• [Problem to solve]: Give back, exactly as written, the lines from the first line of the data below through the line with "model = None", and omit the pictures.

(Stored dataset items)
_____
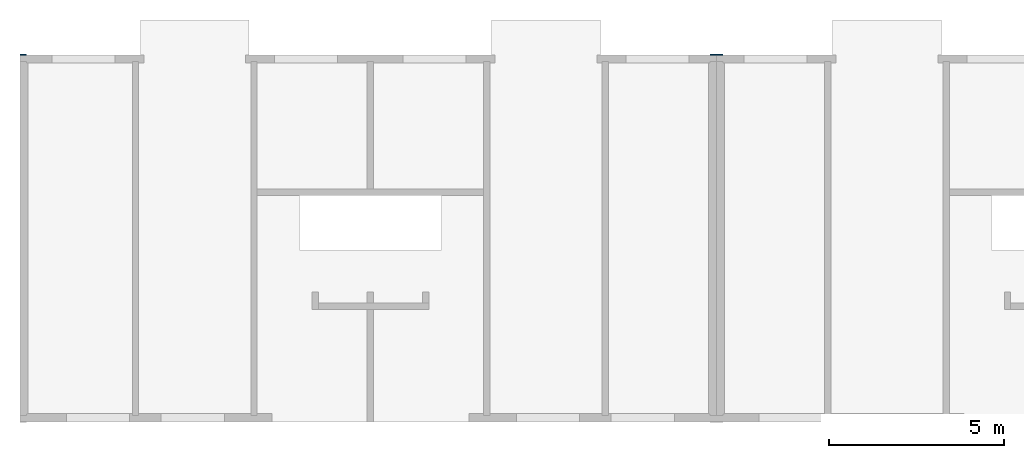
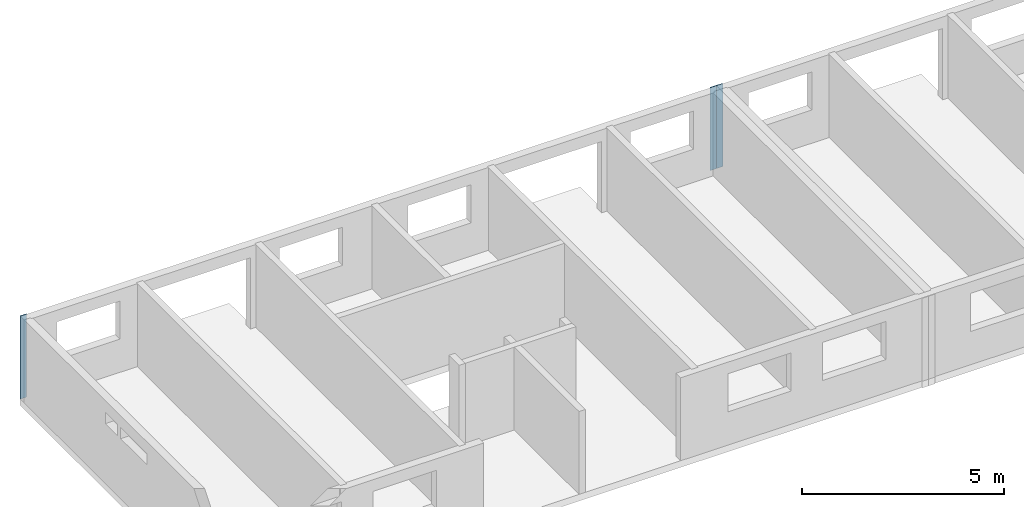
# One storey, part 6 of 9: 3 walls.
"""IFC2X3 building model written with IfcOpenShell, lengths in millimetres."""

import ifcopenshell
import ifcopenshell.guid

model = None  # the IFC model being written
_history = None  # IfcOwnerHistory: only IFC2X3 demands one
_inside = {}  # id of a spatial element -> (the spatial element, [elements in it])
_under = {}  # id of a project, library or spatial element -> (it, [spatial elements below it])
_declared = {}  # id of a project -> (the project, [libraries it declares])
_typed = {}  # id of a type object -> (the type object, [elements of that type])
_made_of = {}  # id of a material, layer set ... -> (it, [elements and type objects made of it])


def new_model(schema):
    """Start an empty IFC model of exactly this schema.

    Asked for "IFC4X3", IfcOpenShell would pick the latest addendum, in which some entities
    have other attributes; the version numbers below select the first issue.
    IFC2X3 requires an IfcOwnerHistory on every rooted entity: one is made here for all.
    """
    global model, _history
    if schema == "IFC4X3":
        model = ifcopenshell.file(schema_version=(4, 3, 0, 0))
    else:
        model = ifcopenshell.file(schema=schema)
    _inside.clear()
    _under.clear()
    _declared.clear()
    _typed.clear()
    _made_of.clear()
    _history = None
    if model.schema == "IFC2X3":
        org = make("IfcOrganization", Name="unknown")
        user = make(
            "IfcPersonAndOrganization",
            ThePerson=make("IfcPerson", FamilyName="unknown"),
            TheOrganization=org,
        )
        app = make(
            "IfcApplication",
            ApplicationDeveloper=org,
            Version="unknown",
            ApplicationFullName="unknown",
            ApplicationIdentifier="unknown",
        )
        _history = make(
            "IfcOwnerHistory",
            OwningUser=user,
            OwningApplication=app,
            ChangeAction="ADDED",
            CreationDate=0,
        )
    return model


def make(cls, **values):
    """One entity of the class cls with the attributes given. An attribute that is None is left unset."""
    return model.create_entity(
        cls, **{name: value for name, value in values.items() if value is not None}
    )


def entity(cls, *values):
    """Any entity or typed value of the class cls, its attributes in the order of the schema. None: left unset."""
    e = model.create_entity(cls)
    for i, value in enumerate(values):
        if value is not None:
            e[i] = value
    return e


def rooted(cls, **values):
    """An entity with a GlobalId (a new one), such as an element, a storey or a relation."""
    return make(cls, GlobalId=ifcopenshell.guid.new(), OwnerHistory=_history, **values)


def si_unit(unit_type, name, prefix=None):
    """IfcSIUnit, for example si_unit("LENGTHUNIT", "METRE", prefix="MILLI")."""
    return make("IfcSIUnit", UnitType=unit_type, Prefix=prefix, Name=name)


def converted_unit(unit_type, name, factor, base, dimensions=None, offset=None):
    """IfcConversionBasedUnit, such as the inch: factor (a typed value) times the base unit."""
    return make(
        "IfcConversionBasedUnit"
        if offset is None
        else "IfcConversionBasedUnitWithOffset",
        ConversionOffset=offset,
        Dimensions=None
        if dimensions is None
        else entity("IfcDimensionalExponents", *dimensions),
        UnitType=unit_type,
        Name=name,
        ConversionFactor=make(
            "IfcMeasureWithUnit", ValueComponent=factor, UnitComponent=base
        ),
    )


def assignment(units):
    """IfcUnitAssignment: the units of a project."""
    return None if units is None else make("IfcUnitAssignment", Units=units)


def point(xyz):
    """IfcCartesianPoint."""
    return None if xyz is None else make("IfcCartesianPoint", Coordinates=xyz)


def direction(xyz):
    """IfcDirection."""
    return None if xyz is None else make("IfcDirection", DirectionRatios=xyz)


def frame(location, z_axis=None, x_axis=None):
    """IfcAxis2Placement3D, a coordinate frame: its origin and axes. An axis left out is left unset."""
    return make(
        "IfcAxis2Placement3D",
        Location=point(location),
        Axis=direction(z_axis),
        RefDirection=direction(x_axis),
    )


def frame_2d(location, x_axis=None):
    """IfcAxis2Placement2D, a coordinate frame in the plane: its origin and x axis."""
    return make(
        "IfcAxis2Placement2D", Location=point(location), RefDirection=direction(x_axis)
    )


def origin():
    """The frame at (0, 0, 0) with its axes left unset."""
    return frame((0.0, 0.0, 0.0))


def place(relative_to, where):
    """IfcLocalPlacement: puts the frame where relative to a parent placement (None: the world)."""
    return make(
        "IfcLocalPlacement", PlacementRelTo=relative_to, RelativePlacement=where
    )


def context(
    kind, dimensions, precision=None, world=None, true_north=None, identifier=None
):
    """IfcGeometricRepresentationContext, for example the 3D "Model" context."""
    return make(
        "IfcGeometricRepresentationContext",
        ContextIdentifier=identifier,
        ContextType=kind,
        CoordinateSpaceDimension=dimensions,
        Precision=precision,
        WorldCoordinateSystem=world,
        TrueNorth=true_north,
    )


def subcontext(parent, identifier, kind, view, scale=None):
    """IfcGeometricRepresentationSubContext, for example "Body" below "Model"."""
    return make(
        "IfcGeometricRepresentationSubContext",
        ContextIdentifier=identifier,
        ContextType=kind,
        ParentContext=parent,
        TargetScale=scale,
        TargetView=view,
    )


def project(units=None, contexts=None):
    """IfcProject with its units and contexts."""
    return rooted(
        "IfcProject",
        Name="project",
        RepresentationContexts=contexts,
        UnitsInContext=assignment(units),
    )


def spatial(cls, under=None, at=None, **own):
    """A site, building, storey or space (cls), placed at a placement, below another one or the project."""
    s = rooted(cls, ObjectPlacement=at, **own)
    if under is not None:
        _under.setdefault(under.id(), (under, []))[1].append(s)
    return s


def profile(cls, at=None, kind="AREA", **sizes):
    """A parametric profile (cls). Its sizes go by their IFC names, for example OverallWidth=200.0."""
    return make(cls, ProfileType=kind, Position=at, **sizes)


def rectangle(**sizes):
    """IfcRectangleProfileDef."""
    return profile("IfcRectangleProfileDef", **sizes)


def extrude(swept, where, along, depth):
    """IfcExtrudedAreaSolid: the profile swept, set in the frame where, extruded along a direction by depth."""
    return make(
        "IfcExtrudedAreaSolid",
        SweptArea=swept,
        Position=where,
        ExtrudedDirection=direction(along),
        Depth=depth,
    )


def shape(context_of_items, identifier, shape_type, items):
    """IfcShapeRepresentation: the items that make up one representation, for example the "Body"."""
    return make(
        "IfcShapeRepresentation",
        ContextOfItems=context_of_items,
        RepresentationIdentifier=identifier,
        RepresentationType=shape_type,
        Items=items,
    )


def material(Name=None, Category=None):
    """IfcMaterial."""
    return make("IfcMaterial", Name=Name, Category=Category)


def layer(
    of_material, thickness, ventilated=None, Name=None, Category=None, Priority=None
):
    """IfcMaterialLayer: one layer of a wall or slab, of a material (None: an air gap)."""
    return make(
        "IfcMaterialLayer",
        Material=of_material,
        LayerThickness=thickness,
        IsVentilated=ventilated,
        Name=Name,
        Category=Category,
        Priority=Priority,
    )


def layer_set(layers, Name=None):
    """IfcMaterialLayerSet."""
    return make("IfcMaterialLayerSet", MaterialLayers=layers, LayerSetName=Name)


def layer_usage(for_layer_set, set_direction, sense, offset, extent=None):
    """IfcMaterialLayerSetUsage: how a layer set lies in its element."""
    return make(
        "IfcMaterialLayerSetUsage",
        ForLayerSet=for_layer_set,
        LayerSetDirection=set_direction,
        DirectionSense=sense,
        OffsetFromReferenceLine=offset,
        ReferenceExtent=extent,
    )


def made_of(thing, what):
    """Note that an element or type object is made of a material, layer set ...; save() writes the relation."""
    if what is not None:
        _made_of.setdefault(what.id(), (what, []))[1].append(thing)
    return thing


def element(
    cls,
    number,
    at=None,
    inside=None,
    cuts=None,
    type_object=None,
    material=None,
    context=None,
    identifier="Body",
    shape_type=None,
    held_by="IfcProductDefinitionShape",
    body=None,
    shapes=None,
    **own,
):
    """One element of the class cls, such as IfcWall. Its Tag is "e" and its number.

    at: its placement. inside: the storey or other place that contains it. cuts: it is an
    opening in that element (IfcRelVoidsElement). A single representation is given by context,
    identifier, shape_type and body (its items); several are given by shapes. held_by: the class
    of the entity that holds the representations. save() writes the other relations.
    """
    e = rooted(cls, Tag="e%d" % number, ObjectPlacement=at, **own)
    if body is not None:
        shapes = [shape(context, identifier, shape_type, body)]
    if shapes is not None:
        e.Representation = make(held_by, Representations=shapes)
    if inside is not None:
        _inside.setdefault(inside.id(), (inside, []))[1].append(e)
    if cuts is not None:
        rooted(
            "IfcRelVoidsElement", RelatingBuildingElement=cuts, RelatedOpeningElement=e
        )
    if type_object is not None:
        _typed.setdefault(type_object.id(), (type_object, []))[1].append(e)
    return made_of(e, material)


def aggregate(whole, parts):
    """IfcRelAggregates: a whole, such as a stair, and the parts it consists of."""
    return rooted("IfcRelAggregates", RelatingObject=whole, RelatedObjects=parts)


def save(model, path):
    """Write the relations noted so far, then the file.

    IfcRelAggregates (storeys below a building ...), IfcRelContainedInSpatialStructure (elements
    in a storey), IfcRelDefinesByType, IfcRelAssociatesMaterial and IfcRelDeclares: one each for
    every whole, place, type object, material and project.
    """
    for whole, parts in _under.values():
        aggregate(whole, parts)
    for where, things in _inside.values():
        rooted(
            "IfcRelContainedInSpatialStructure",
            RelatedElements=things,
            RelatingStructure=where,
        )
    for kind, things in _typed.values():
        rooted("IfcRelDefinesByType", RelatedObjects=things, RelatingType=kind)
    for what, things in _made_of.values():
        rooted("IfcRelAssociatesMaterial", RelatedObjects=things, RelatingMaterial=what)
    for by, libraries in _declared.values():
        rooted("IfcRelDeclares", RelatingContext=by, RelatedDefinitions=libraries)
    model.write(path)


model = new_model("IFC2X3")

# Units and contexts
model_context = context("Model", 3, precision=1e-05, world=origin())
plan_context = context("Plan", 3, precision=1e-05, world=origin())
body_context = subcontext(model_context, "Body", "Model", "MODEL_VIEW")
ifc_project = project(units=[si_unit("LENGTHUNIT", "METRE", prefix="MILLI"), converted_unit("PLANEANGLEUNIT", "DEGREE", entity("IfcPlaneAngleMeasure", 0.0174532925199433), si_unit("PLANEANGLEUNIT", "RADIAN"), dimensions=[0, 0, 0, 0, 0, 0, 0]), si_unit("AREAUNIT", "SQUARE_METRE"), si_unit("VOLUMEUNIT", "CUBIC_METRE")], contexts=[model_context, plan_context])

# Building, storey
building_placement = place(None, origin())
building = spatial("IfcBuilding", under=ifc_project, at=building_placement, Name="Bâtiment", CompositionType="ELEMENT")
storey_placement = place(building_placement, frame((0.0, 0.0, 5400.0), z_axis=(0.0, 0.0, 1.0), x_axis=(1.0, 0.0, 0.0)))
storey = spatial("IfcBuildingStorey", under=building, at=storey_placement, Name="r+2", CompositionType="ELEMENT", Elevation=5400.0)

# Walls
ifc_material_1 = material(Name="moellons")
ifc_layer_1 = layer(ifc_material_1, 19.99999999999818)
ifc_layer_set_1 = layer_set([ifc_layer_1])
ifc_layer_usage_1 = layer_usage(ifc_layer_set_1, "AXIS2", "POSITIVE", 0.0)
wall_1_placement = place(storey_placement, frame((-3.636754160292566e-12, 10490.07776548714, 0.0), z_axis=(0.0, 0.0, 1.0), x_axis=(1.0, 0.0, 0.0)))
element("IfcWallStandardCase", 1, at=wall_1_placement, inside=storey, material=ifc_layer_usage_1, context=body_context, shape_type="SweptSolid", body=[
    extrude(rectangle(XDim=180.0, YDim=19.99999999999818, at=frame_2d((90.0, 9.99999999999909), x_axis=(1.0, 0.0))), frame((-1.2246467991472e-15, -19.99999999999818, 0.0), z_axis=(0.0, 0.0, 1.0), x_axis=(1.0, 0.0, 0.0)), (0.0, 0.0, 1.0), 2500.0),
])
ifc_material_2 = material(Name="moellons")
ifc_layer_2 = layer(ifc_material_2, 20.0)
ifc_layer_set_2 = layer_set([ifc_layer_2])
ifc_layer_usage_2 = layer_usage(ifc_layer_set_2, "AXIS2", "POSITIVE", 0.0)
wall_2_placement = place(storey_placement, frame((19849.99999999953, 10490.07776548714, 0.0), z_axis=(0.0, 0.0, 1.0), x_axis=(1.0, 0.0, 0.0)))
element("IfcWallStandardCase", 2, at=wall_2_placement, inside=storey, material=ifc_layer_usage_2, context=body_context, shape_type="SweptSolid", body=[
    extrude(rectangle(XDim=180.0, YDim=20.0, at=frame_2d((90.0, 10.0), x_axis=(1.0, 0.0))), frame((0.0, -20.0, 0.0), z_axis=(0.0, 0.0, 1.0), x_axis=(1.0, 0.0, 0.0)), (0.0, 0.0, 1.0), 2500.0),
])
ifc_material_3 = material(Name="moellons")
ifc_layer_3 = layer(ifc_material_3, 20.00000000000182)
ifc_layer_set_3 = layer_set([ifc_layer_3])
ifc_layer_usage_3 = layer_usage(ifc_layer_set_3, "AXIS2", "POSITIVE", 0.0)
wall_3_placement = place(storey_placement, frame((19849.99999999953, 10470.07776548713, 0.0), z_axis=(0.0, 0.0, 1.0), x_axis=(-1.0, 0.0, 0.0)))
element("IfcWallStandardCase", 3, at=wall_3_placement, inside=storey, material=ifc_layer_usage_3, context=body_context, shape_type="SweptSolid", body=[
    extrude(rectangle(XDim=180.0, YDim=20.00000000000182, at=frame_2d((90.0, 10.00000000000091), x_axis=(1.0, 0.0))), frame((0.0, -20.00000000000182, 0.0), z_axis=(0.0, 0.0, 1.0), x_axis=(1.0, 0.0, 0.0)), (0.0, 0.0, 1.0), 2500.0),
])

save(model, "model.ifc")
_____
• [Completed exercise]:
# One storey, part 6 of 9: 3 walls.
"""IFC2X3 building model written with IfcOpenShell, lengths in millimetres."""

import ifcopenshell
import ifcopenshell.guid

model = None  # the IFC model being written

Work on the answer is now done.